# Hi All



## Liam (Jul 10, 2018)

Hello from the Midlands!

I’m just getting into smoking after watching BBQ Pitmasters on Netflix, being fed up of dry, over-cooked burgers and reading Aaron Franklin’s book.

I have set myself these goals over the next 12 months

- get better at barbecuing
- enter a barbecue competition
- build my own pit

Oh, and continue working 60 hour weeks and spend time with my two children.  Easy.


----------



## HalfSmoked (Jul 10, 2018)

Welcome to SMF you have come to the right place to learn all kinds of smoking and grilling skills. 

Warren


----------



## oldsmokerdude (Jul 10, 2018)

Welcome, Liam. I loved watching  BBQ Pit Masters. I can only aspire to cooking half as well as those masters. You will find lots of information here, probably more than you could ever digest.

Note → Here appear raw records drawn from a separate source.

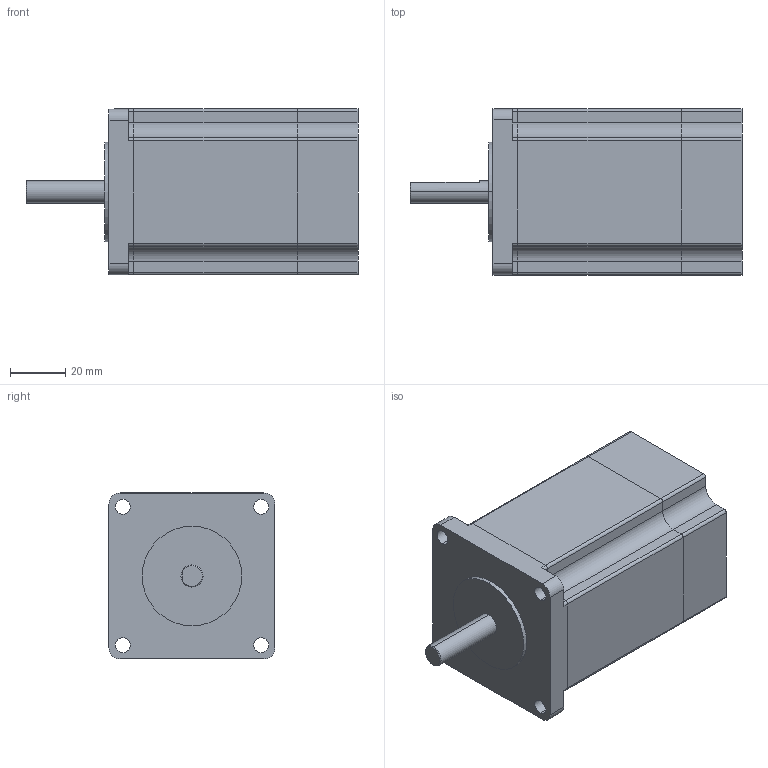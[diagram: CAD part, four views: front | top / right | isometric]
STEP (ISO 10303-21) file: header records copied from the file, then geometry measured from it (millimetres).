
FILE_DESCRIPTION (( 'STEP AP203' ), '1' );
FILE_NAME ('TM2401A50A-P1000.STEP', '2019-02-16T03:07:50', ( 'User' ), ( 'www.dadighost.com' ), 'SwSTEP 2.0', 'SolidWorks 2014', '' );
FILE_SCHEMA (( 'CONFIG_CONTROL_DESIGN' ));
Length unit declared in the file: millimetre
Products named in the file (1): TM2401A50A-P1000
Bounding box: 120 x 60 x 60 mm (x, y, z)
Volume: 292103.1 mm3; surface area: 41597.9 mm2
Topology: 3 solids, 3 shells, 105 faces, 289 edges, 192 vertices
Faces by surface type: cylinder 52, plane 50, cone 3
Entity records: 3467 total; most frequent: DIRECTION 608, CARTESIAN_POINT 593, ORIENTED_EDGE 578, EDGE_CURVE 289, AXIS2_PLACEMENT_3D 215, VERTEX_POINT 192, LINE 178, VECTOR 178
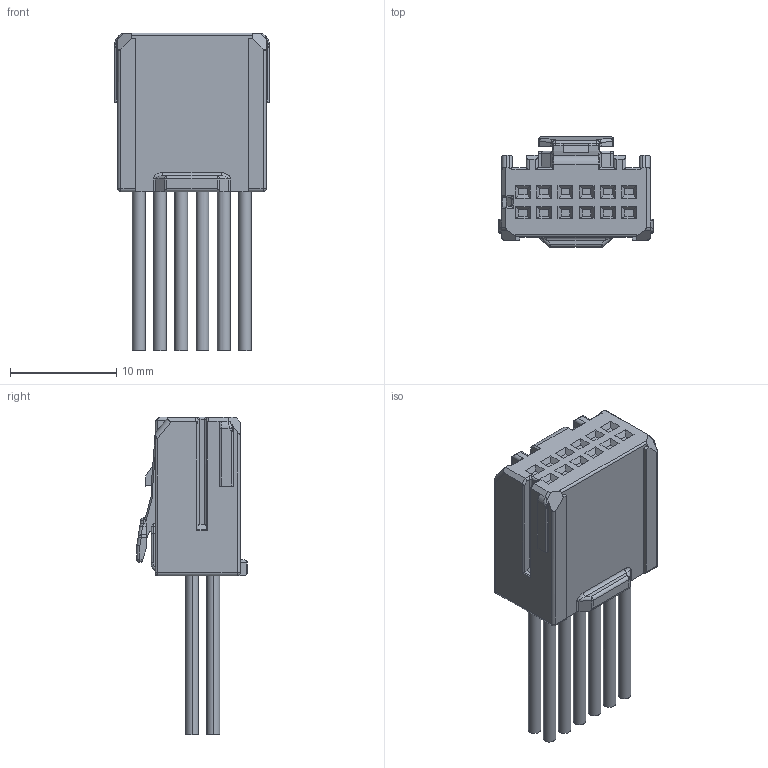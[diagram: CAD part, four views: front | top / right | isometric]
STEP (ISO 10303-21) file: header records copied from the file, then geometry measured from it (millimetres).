
FILE_DESCRIPTION (( 'STEP AP203' ), '1' );
FILE_NAME ('ISH 12P FEMALE CONNECTOR.STEP', '2018-08-20T12:08:47', ( '' ), ( '' ), 'SwSTEP 2.0', 'SolidWorks 2017', '' );
FILE_SCHEMA (( 'CONFIG_CONTROL_DESIGN' ));
Length unit declared in the file: millimetre
Products named in the file (2): ISH 12P FEMALE CONNECTOR; Part2^ISH 12P FEMALE CONNECTOR
Assembly tree (1 placements, depth 2):
  ISH 12P FEMALE CONNECTOR
    Part2^ISH 12P FEMALE CONNECTOR
Bounding box: 14.6 x 10.4 x 29.95 mm (x, y, z)
Volume: 1743.9 mm3; surface area: 1820.8 mm2
Topology: 1 solids, 1 shells, 455 faces, 1161 edges, 732 vertices
Faces by surface type: plane 280, cylinder 130, bspline 17, torus 16, sphere 10, cone 2
Entity records: 13962 total; most frequent: CARTESIAN_POINT 3061, ORIENTED_EDGE 2302, DIRECTION 2112, EDGE_CURVE 1151, LINE 834, VECTOR 834, VERTEX_POINT 732, AXIS2_PLACEMENT_3D 639

This is a helpful group, eager to answer questions and help the newbs along.


----------



## SmokinAl (Jul 10, 2018)

Welcome to SMF!
Sounds like you have a lot on your plate!
Hopefully you can slow down a little & enjoy your yourself a little more.
Cooking food over a fire is very relaxing, especially with a beer or three!
Al


----------



## gmc2003 (Jul 10, 2018)

Welcome aboard glad you joined. Now settle down and take a deep breath. You already accomplished your first goal - becoming a better BBQ'er by joining our site. 

Chris


----------



## homeruk (Jul 16, 2018)

welcome to the site


----------